I need the entries printed again word for word, without the images.
====== RECORDS PROVIDED ======
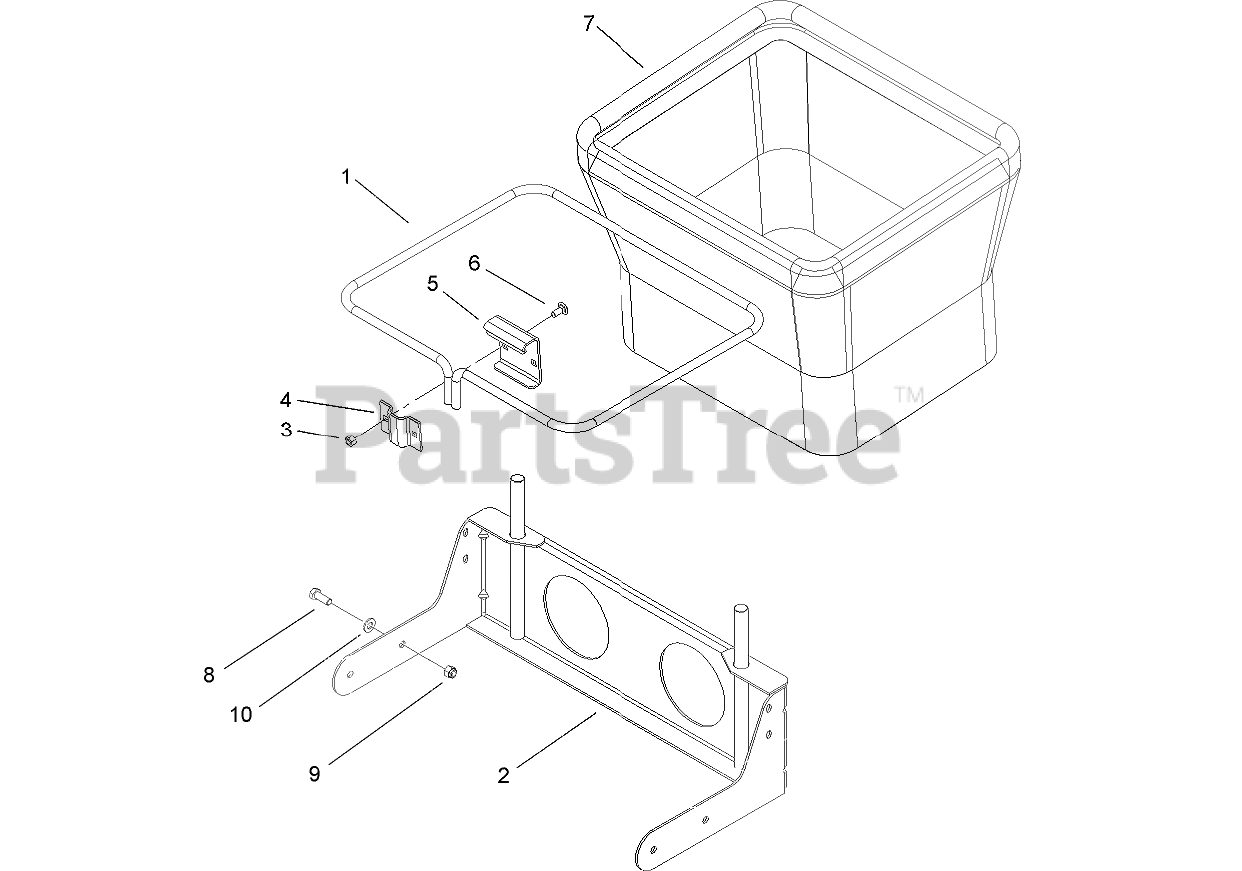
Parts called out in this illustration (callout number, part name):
1	FRAME-BAG
2	BAGGER SUPPORT ASM
3	NUT-LOCK, NI
5	HANGER-BAG
6	BOLT-CARR
8	SCREW-HH
9	NUT-LOCK, NI
10	WASHER-FLAT
======
* [RESPONSE FOR THIS EXERCISE]:
Parts called out in this illustration (callout number, part name):
1	FRAME-BAG
2	BAGGER SUPPORT ASM
3	NUT-LOCK, NI
5	HANGER-BAG
6	BOLT-CARR
8	SCREW-HH
9	NUT-LOCK, NI
10	WASHER-FLAT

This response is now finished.